- _What the exercise asks_
When the line containing "#207 = ADVANCED_FACE" is found in the data below, copy it and each line after it through the line containing "#376 = VERTEX_POINT ( 'NONE', #928 ) ;", exactly and with no others.

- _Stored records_
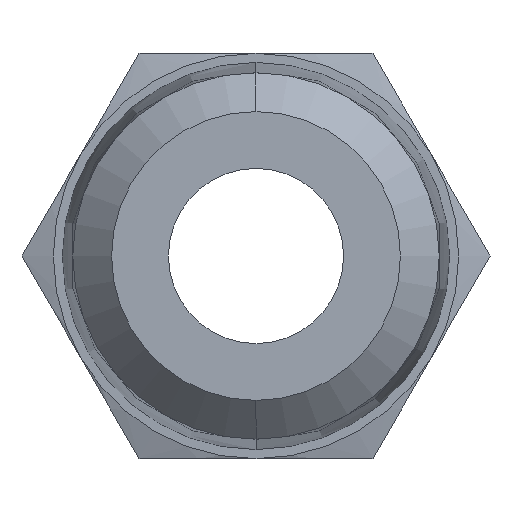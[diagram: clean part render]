
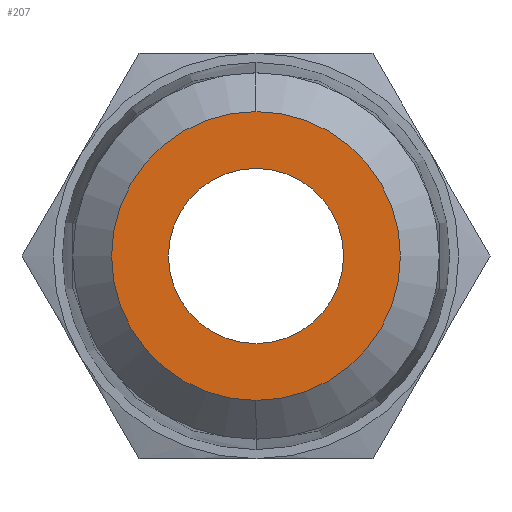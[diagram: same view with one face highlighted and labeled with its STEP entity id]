
A CAD part, left-side view. The second image highlights one B-rep face of the part: STEP entity #207.
In plain terms, the highlighted planar face has unit normal (-1, 0, 0).
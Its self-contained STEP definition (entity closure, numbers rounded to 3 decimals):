
#207 = ADVANCED_FACE ( 'NONE', ( #771, #765 ), #764, .T. ) ;
#208 = EDGE_LOOP ( 'NONE', ( #209, #211 ) ) ;
#209 = ORIENTED_EDGE ( 'NONE', *, *, #210, .T. ) ;
#210 = EDGE_CURVE ( 'NONE', #255, #376, #762, .T. ) ;
#211 = ORIENTED_EDGE ( 'NONE', *, *, #375, .T. ) ;
#212 = EDGE_LOOP ( 'NONE', ( #405, #407 ) ) ;
#255 = VERTEX_POINT ( 'NONE', #833 ) ;
#366 = VERTEX_POINT ( 'NONE', #950 ) ;
#375 = EDGE_CURVE ( 'NONE', #376, #255, #938, .T. ) ;
#376 = VERTEX_POINT ( 'NONE', #928 ) ;
#382 = EDGE_CURVE ( 'NONE', #366, #383, #922, .T. ) ;
#383 = VERTEX_POINT ( 'NONE', #1151 ) ;
#405 = ORIENTED_EDGE ( 'NONE', *, *, #406, .F. ) ;
#406 = EDGE_CURVE ( 'NONE', #383, #366, #1045, .T. ) ;
#407 = ORIENTED_EDGE ( 'NONE', *, *, #382, .F. ) ;
#755 = DIRECTION ( 'NONE',  ( 0., 0., 1. ) ) ;
#756 = DIRECTION ( 'NONE',  ( -1., 0., 0. ) ) ;
#757 = CARTESIAN_POINT ( 'NONE',  ( -10., 0., 0. ) ) ;
#758 = AXIS2_PLACEMENT_3D ( 'NONE', #757, #756, #755 ) ;
#759 = DIRECTION ( 'NONE',  ( 0., 0., 1. ) ) ;
#760 = DIRECTION ( 'NONE',  ( -1., 0., 0. ) ) ;
#761 = AXIS2_PLACEMENT_3D ( 'NONE', #763, #760, #759 ) ;
#762 = CIRCLE ( 'NONE', #758, 3.959 ) ;
#763 = CARTESIAN_POINT ( 'NONE',  ( -10., 0., 0. ) ) ;
#764 = PLANE ( 'NONE',  #761 ) ;
#765 = FACE_BOUND ( 'NONE', #212, .T. ) ;
#771 = FACE_OUTER_BOUND ( 'NONE', #208, .T. ) ;
#833 = CARTESIAN_POINT ( 'NONE',  ( -10., 0., -3.959 ) ) ;
#922 = CIRCLE ( 'NONE', #1155, 2.4 ) ;
#928 = CARTESIAN_POINT ( 'NONE',  ( -10., 0., 3.959 ) ) ;
#929 = DIRECTION ( 'NONE',  ( 0., 0., 1. ) ) ;
#930 = DIRECTION ( 'NONE',  ( -1., 0., 0. ) ) ;
#931 = CARTESIAN_POINT ( 'NONE',  ( -10., 0., 0. ) ) ;
#932 = AXIS2_PLACEMENT_3D ( 'NONE', #931, #930, #929 ) ;
#938 = CIRCLE ( 'NONE', #932, 3.959 ) ;
#950 = CARTESIAN_POINT ( 'NONE',  ( -10., 0., -2.4 ) ) ;
#1041 = DIRECTION ( 'NONE',  ( 0., 0., 1. ) ) ;
#1042 = DIRECTION ( 'NONE',  ( -1., 0., 0. ) ) ;
#1043 = CARTESIAN_POINT ( 'NONE',  ( -10., 0., 0. ) ) ;
#1044 = AXIS2_PLACEMENT_3D ( 'NONE', #1043, #1042, #1041 ) ;
#1045 = CIRCLE ( 'NONE', #1044, 2.4 ) ;
#1151 = CARTESIAN_POINT ( 'NONE',  ( -10., 0., 2.4 ) ) ;
#1152 = DIRECTION ( 'NONE',  ( 0., 0., 1. ) ) ;
#1153 = DIRECTION ( 'NONE',  ( -1., 0., 0. ) ) ;
#1154 = CARTESIAN_POINT ( 'NONE',  ( -10., 0., 0. ) ) ;
#1155 = AXIS2_PLACEMENT_3D ( 'NONE', #1154, #1153, #1152 ) ;

- _Solution for this exercise_
#207 = ADVANCED_FACE ( 'NONE', ( #771, #765 ), #764, .T. ) ;
#208 = EDGE_LOOP ( 'NONE', ( #209, #211 ) ) ;
#209 = ORIENTED_EDGE ( 'NONE', *, *, #210, .T. ) ;
#210 = EDGE_CURVE ( 'NONE', #255, #376, #762, .T. ) ;
#211 = ORIENTED_EDGE ( 'NONE', *, *, #375, .T. ) ;
#212 = EDGE_LOOP ( 'NONE', ( #405, #407 ) ) ;
#255 = VERTEX_POINT ( 'NONE', #833 ) ;
#366 = VERTEX_POINT ( 'NONE', #950 ) ;
#375 = EDGE_CURVE ( 'NONE', #376, #255, #938, .T. ) ;
#376 = VERTEX_POINT ( 'NONE', #928 ) ;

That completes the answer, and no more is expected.